In a further twist, Afriforum, the group that has been thrust into the global spotlight because of its central role in this saga following its lobbying on behalf of Afrikaners in the US, and its various partner organisations in SA, e.g. Southern African Agri Initiative (SAAI), are prominent supporters of nuclear power and have long been proponents of SMR designs based on South Africa’s abandoned pebble bed modular reactor design. This group has also partnered with US based organisations that have deep South African links to raise funds in the US for the building and operation of SMRs in SA. Building and operating nuclear power stations that enable users to provide for their own energy needs accords well with this group’s political ideology of a weak central state and the creation of a series of autonomous communities that are generally self-reliant.
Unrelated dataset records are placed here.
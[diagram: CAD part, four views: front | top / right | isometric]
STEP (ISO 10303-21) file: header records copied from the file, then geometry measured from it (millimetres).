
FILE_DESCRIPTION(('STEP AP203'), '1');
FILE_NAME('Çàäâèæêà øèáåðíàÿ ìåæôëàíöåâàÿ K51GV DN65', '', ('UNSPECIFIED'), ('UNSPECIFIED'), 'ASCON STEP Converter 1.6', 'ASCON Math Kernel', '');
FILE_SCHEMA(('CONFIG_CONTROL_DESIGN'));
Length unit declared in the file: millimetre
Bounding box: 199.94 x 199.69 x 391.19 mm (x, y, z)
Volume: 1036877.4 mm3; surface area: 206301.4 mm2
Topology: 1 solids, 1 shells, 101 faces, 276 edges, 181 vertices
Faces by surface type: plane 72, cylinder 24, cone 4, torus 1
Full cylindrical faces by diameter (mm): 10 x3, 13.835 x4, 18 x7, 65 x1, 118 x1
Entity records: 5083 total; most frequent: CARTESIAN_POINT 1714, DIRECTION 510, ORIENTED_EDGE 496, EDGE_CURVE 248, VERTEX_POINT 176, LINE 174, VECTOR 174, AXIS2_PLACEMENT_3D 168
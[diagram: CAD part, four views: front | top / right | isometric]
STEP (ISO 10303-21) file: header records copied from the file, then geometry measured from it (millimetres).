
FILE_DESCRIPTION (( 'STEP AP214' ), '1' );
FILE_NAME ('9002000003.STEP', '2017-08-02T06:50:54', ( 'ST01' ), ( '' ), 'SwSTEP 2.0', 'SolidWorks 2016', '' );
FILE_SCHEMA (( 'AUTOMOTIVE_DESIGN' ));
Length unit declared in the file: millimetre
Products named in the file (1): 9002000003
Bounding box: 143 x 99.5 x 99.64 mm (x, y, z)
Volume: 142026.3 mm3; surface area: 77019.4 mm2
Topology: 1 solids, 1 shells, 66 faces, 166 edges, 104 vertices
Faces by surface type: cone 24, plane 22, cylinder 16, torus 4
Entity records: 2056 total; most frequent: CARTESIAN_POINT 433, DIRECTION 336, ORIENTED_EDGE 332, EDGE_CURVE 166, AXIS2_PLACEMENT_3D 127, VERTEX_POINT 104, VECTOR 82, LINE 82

All that advancing US government and these parties’ joint interests in this part of the SA nuclear energy market would require is a change in policy on the part of the SA government to permit private electricity consumers to run nuclear power stations for their own electricity needs, not the outlaying of vast sums by a public company to build nuclear power stations using US nuclear technology or a long-term commitment to partner with US nuclear vendors to build and operate these facilities. In a final twist, the South African government is currently in the midst of a major overhaul of its energy policies to facilitate greater private sector participation in its energy sector. Speculatively, these actors may have calculated that the threat of further action from Pres. Trump, e.g. the stripping of South Africa’s benefits under the Africa Growth and Opportunity Act, may be sufficient to force the South African government to placate the US by acceding to their nuclear demands.
It is put to the reader that this background informs Pres. Trump’s recent decision to target SA. Based on this alignment of interests between the US government, tech billionaires and influential Afrikaner lobby groups, it is further asserted that the pressure being applied on the South African government is motivated in significant part by US commercial interests in South Africa’s nuclear energy industry.